-- TASK --
Please reproduce exactly the line that carries "#11472=DIRECTION('',(0.,1.,0.));" and all remaining lines through the last line of the data, and write nothing else.

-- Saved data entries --
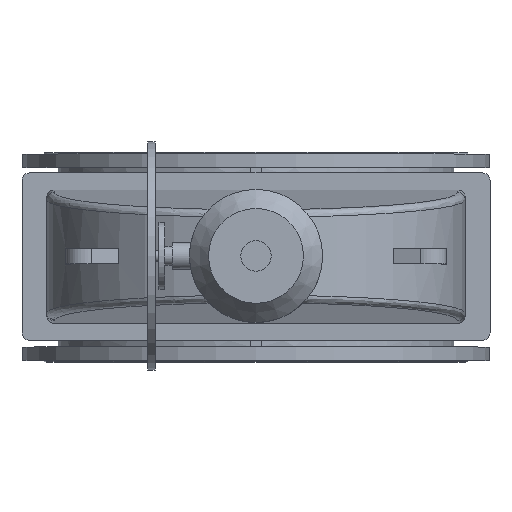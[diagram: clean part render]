
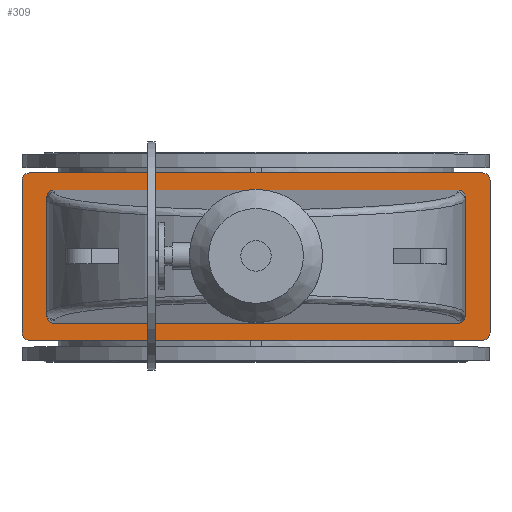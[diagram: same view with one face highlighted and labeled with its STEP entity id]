
A CAD part, top view. The second image highlights one B-rep face of the part: STEP entity #309.
In plain terms, the highlighted planar face has unit normal (0, 0, 1).
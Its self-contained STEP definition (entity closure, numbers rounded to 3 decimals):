
#309=ADVANCED_FACE('',(#3564,#3566),#3568,.T.);
#3564=FACE_BOUND('',#3565,.T.);
#3565=EDGE_LOOP('',(#7964,#7965,#7966,#7967,#7968,#7969,#7970,#7971));
#3566=FACE_BOUND('',#3567,.T.);
#3567=EDGE_LOOP('',(#7972,#7973,#7974,#7975,#7976,#7977,#7978,#7979));
#3568=PLANE('',#3569);
#3569=AXIS2_PLACEMENT_3D('',#3570,#3571,#3572);
#3570=CARTESIAN_POINT('',(0.,0.,1086.));
#3571=DIRECTION('',(0.,-0.,1.));
#3572=DIRECTION('',(0.,1.,0.));
#7964=ORIENTED_EDGE('',*,*,#9272,.F.);
#7965=ORIENTED_EDGE('',*,*,#9273,.T.);
#7966=ORIENTED_EDGE('',*,*,#9274,.F.);
#7967=ORIENTED_EDGE('',*,*,#9275,.T.);
#7968=ORIENTED_EDGE('',*,*,#9276,.F.);
#7969=ORIENTED_EDGE('',*,*,#9277,.T.);
#7970=ORIENTED_EDGE('',*,*,#9278,.F.);
#7971=ORIENTED_EDGE('',*,*,#9279,.T.);
#7972=ORIENTED_EDGE('',*,*,#9270,.F.);
#7973=ORIENTED_EDGE('',*,*,#9269,.F.);
#7974=ORIENTED_EDGE('',*,*,#9271,.F.);
#7975=ORIENTED_EDGE('',*,*,#9244,.F.);
#7976=ORIENTED_EDGE('',*,*,#9280,.F.);
#7977=ORIENTED_EDGE('',*,*,#9281,.F.);
#7978=ORIENTED_EDGE('',*,*,#9282,.F.);
#7979=ORIENTED_EDGE('',*,*,#9237,.F.);
#9237=EDGE_CURVE('',#9937,#9939,#9940,.T.);
#9244=EDGE_CURVE('',#9949,#9947,#9951,.T.);
#9269=EDGE_CURVE('',#9990,#9988,#9992,.T.);
#9270=EDGE_CURVE('',#9988,#9937,#9993,.F.);
#9271=EDGE_CURVE('',#9947,#9990,#9994,.T.);
#9272=EDGE_CURVE('',#9995,#9996,#9997,.F.);
#9273=EDGE_CURVE('',#9995,#9998,#9999,.T.);
#9274=EDGE_CURVE('',#10000,#9998,#10001,.F.);
#9275=EDGE_CURVE('',#10000,#10002,#10003,.T.);
#9276=EDGE_CURVE('',#10004,#10002,#10005,.F.);
#9277=EDGE_CURVE('',#10004,#10006,#10007,.T.);
#9278=EDGE_CURVE('',#10008,#10006,#10009,.F.);
#9279=EDGE_CURVE('',#10008,#9996,#10010,.T.);
#9280=EDGE_CURVE('',#10011,#9949,#10012,.F.);
#9281=EDGE_CURVE('',#10013,#10011,#10014,.T.);
#9282=EDGE_CURVE('',#9939,#10013,#10015,.T.);
#9937=VERTEX_POINT('',#11295);
#9939=VERTEX_POINT('',#11299);
#9940=LINE('',#11300,#11301);
#9947=VERTEX_POINT('',#11320);
#9949=VERTEX_POINT('',#11324);
#9951=LINE('',#11328,#11329);
#9988=VERTEX_POINT('',#11421);
#9990=VERTEX_POINT('',#11425);
#9992=LINE('',#11429,#11430);
#9993=(BOUNDED_CURVE()B_SPLINE_CURVE(3,
(#11432,#11433,#11434,#11435),
.UNSPECIFIED.,.F.,.F.)B_SPLINE_CURVE_WITH_KNOTS((4,4),
(0.,1.),
.UNSPECIFIED.)CURVE()GEOMETRIC_REPRESENTATION_ITEM()RATIONAL_B_SPLINE_CURVE((1.,
0.805,0.805,1.))REPRESENTATION_ITEM(''));
#9994=(BOUNDED_CURVE()B_SPLINE_CURVE(3,
(#11436,#11437,#11438,#11439),
.UNSPECIFIED.,.F.,.F.)B_SPLINE_CURVE_WITH_KNOTS((4,4),
(0.,1.),
.UNSPECIFIED.)CURVE()GEOMETRIC_REPRESENTATION_ITEM()RATIONAL_B_SPLINE_CURVE((1.,
0.805,0.805,1.))REPRESENTATION_ITEM(''));
#9995=VERTEX_POINT('',#11440);
#9996=VERTEX_POINT('',#11441);
#9997=CIRCLE('',#11442,20.);
#9998=VERTEX_POINT('',#11446);
#9999=LINE('',#11447,#11448);
#10000=VERTEX_POINT('',#11450);
#10001=CIRCLE('',#11451,20.);
#10002=VERTEX_POINT('',#11455);
#10003=LINE('',#11456,#11457);
#10004=VERTEX_POINT('',#11459);
#10005=CIRCLE('',#11460,20.);
#10006=VERTEX_POINT('',#11464);
#10007=LINE('',#11465,#11466);
#10008=VERTEX_POINT('',#11468);
#10009=CIRCLE('',#11469,20.);
#10010=LINE('',#11473,#11474);
#10011=VERTEX_POINT('',#11476);
#10012=(BOUNDED_CURVE()B_SPLINE_CURVE(3,
(#11477,#11478,#11479,#11480),
.UNSPECIFIED.,.F.,.F.)B_SPLINE_CURVE_WITH_KNOTS((4,4),
(0.,1.),
.UNSPECIFIED.)CURVE()GEOMETRIC_REPRESENTATION_ITEM()RATIONAL_B_SPLINE_CURVE((1.,
0.805,0.805,1.))REPRESENTATION_ITEM(''));
#10013=VERTEX_POINT('',#11481);
#10014=LINE('',#11482,#11483);
#10015=(BOUNDED_CURVE()B_SPLINE_CURVE(3,
(#11485,#11486,#11487,#11488),
.UNSPECIFIED.,.F.,.F.)B_SPLINE_CURVE_WITH_KNOTS((4,4),
(0.,1.),
.UNSPECIFIED.)CURVE()GEOMETRIC_REPRESENTATION_ITEM()RATIONAL_B_SPLINE_CURVE((1.,
0.805,0.805,1.))REPRESENTATION_ITEM(''));
#11295=CARTESIAN_POINT('',(550.,-154.924,1086.));
#11299=CARTESIAN_POINT('',(550.,154.924,1086.));
#11300=CARTESIAN_POINT('',(550.,-154.924,1086.));
#11301=VECTOR('',#11302,1.);
#11302=DIRECTION('',(0.,1.,0.));
#11320=CARTESIAN_POINT('',(-550.,-154.924,1086.));
#11324=CARTESIAN_POINT('',(-550.,154.924,1086.));
#11328=CARTESIAN_POINT('',(-550.,154.924,1086.));
#11329=VECTOR('',#11330,1.);
#11330=DIRECTION('',(0.,-1.,0.));
#11421=CARTESIAN_POINT('',(530.,-175.,1086.));
#11425=CARTESIAN_POINT('',(-530.,-175.,1086.));
#11429=CARTESIAN_POINT('',(-530.,-175.,1086.));
#11430=VECTOR('',#11431,1.);
#11431=DIRECTION('',(1.,0.,0.));
#11432=CARTESIAN_POINT('',(550.,-154.924,1086.));
#11433=CARTESIAN_POINT('',(550.,-166.684,1086.));
#11434=CARTESIAN_POINT('',(541.716,-175.,1086.));
#11435=CARTESIAN_POINT('',(530.,-175.,1086.));
#11436=CARTESIAN_POINT('',(-550.,-154.924,1086.));
#11437=CARTESIAN_POINT('',(-550.,-166.684,1086.));
#11438=CARTESIAN_POINT('',(-541.716,-175.,1086.));
#11439=CARTESIAN_POINT('',(-530.,-175.,1086.));
#11440=CARTESIAN_POINT('',(-595.,-220.,1086.));
#11441=CARTESIAN_POINT('',(-615.,-200.,1086.));
#11442=AXIS2_PLACEMENT_3D('',#11443,#11444,#11445);
#11443=CARTESIAN_POINT('',(-595.,-200.,1086.));
#11444=DIRECTION('',(0.,-0.,1.));
#11445=DIRECTION('',(-1.,0.,0.));
#11446=CARTESIAN_POINT('',(595.,-220.,1086.));
#11447=CARTESIAN_POINT('',(-595.,-220.,1086.));
#11448=VECTOR('',#11449,1.);
#11449=DIRECTION('',(1.,0.,0.));
#11450=CARTESIAN_POINT('',(615.,-200.,1086.));
#11451=AXIS2_PLACEMENT_3D('',#11452,#11453,#11454);
#11452=CARTESIAN_POINT('',(595.,-200.,1086.));
#11453=DIRECTION('',(0.,-0.,1.));
#11454=DIRECTION('',(0.,-1.,0.));
#11455=CARTESIAN_POINT('',(615.,200.,1086.));
#11456=CARTESIAN_POINT('',(615.,-200.,1086.));
#11457=VECTOR('',#11458,1.);
#11458=DIRECTION('',(0.,1.,0.));
#11459=CARTESIAN_POINT('',(595.,220.,1086.));
#11460=AXIS2_PLACEMENT_3D('',#11461,#11462,#11463);
#11461=CARTESIAN_POINT('',(595.,200.,1086.));
#11462=DIRECTION('',(0.,-0.,1.));
#11463=DIRECTION('',(1.,0.,0.));
#11464=CARTESIAN_POINT('',(-595.,220.,1086.));
#11465=CARTESIAN_POINT('',(595.,220.,1086.));
#11466=VECTOR('',#11467,1.);
#11467=DIRECTION('',(-1.,0.,0.));
#11468=CARTESIAN_POINT('',(-615.,200.,1086.));
#11469=AXIS2_PLACEMENT_3D('',#11470,#11471,#11472);
#11470=CARTESIAN_POINT('',(-595.,200.,1086.));
#11471=DIRECTION('',(0.,-0.,1.));
#11472=DIRECTION('',(0.,1.,0.));
#11473=CARTESIAN_POINT('',(-615.,200.,1086.));
#11474=VECTOR('',#11475,1.);
#11475=DIRECTION('',(0.,-1.,0.));
#11476=CARTESIAN_POINT('',(-530.,175.,1086.));
#11477=CARTESIAN_POINT('',(-550.,154.924,1086.));
#11478=CARTESIAN_POINT('',(-550.,166.684,1086.));
#11479=CARTESIAN_POINT('',(-541.716,175.,1086.));
#11480=CARTESIAN_POINT('',(-530.,175.,1086.));
#11481=CARTESIAN_POINT('',(530.,175.,1086.));
#11482=CARTESIAN_POINT('',(530.,175.,1086.));
#11483=VECTOR('',#11484,1.);
#11484=DIRECTION('',(-1.,0.,0.));
#11485=CARTESIAN_POINT('',(550.,154.924,1086.));
#11486=CARTESIAN_POINT('',(550.,166.684,1086.));
#11487=CARTESIAN_POINT('',(541.716,175.,1086.));
#11488=CARTESIAN_POINT('',(530.,175.,1086.));

-- RESPONSE AREA --
#11472=DIRECTION('',(0.,1.,0.));
#11473=CARTESIAN_POINT('',(-615.,200.,1086.));
#11474=VECTOR('',#11475,1.);
#11475=DIRECTION('',(0.,-1.,0.));
#11476=CARTESIAN_POINT('',(-530.,175.,1086.));
#11477=CARTESIAN_POINT('',(-550.,154.924,1086.));
#11478=CARTESIAN_POINT('',(-550.,166.684,1086.));
#11479=CARTESIAN_POINT('',(-541.716,175.,1086.));
#11480=CARTESIAN_POINT('',(-530.,175.,1086.));
#11481=CARTESIAN_POINT('',(530.,175.,1086.));
#11482=CARTESIAN_POINT('',(530.,175.,1086.));
#11483=VECTOR('',#11484,1.);
#11484=DIRECTION('',(-1.,0.,0.));
#11485=CARTESIAN_POINT('',(550.,154.924,1086.));
#11486=CARTESIAN_POINT('',(550.,166.684,1086.));
#11487=CARTESIAN_POINT('',(541.716,175.,1086.));
#11488=CARTESIAN_POINT('',(530.,175.,1086.));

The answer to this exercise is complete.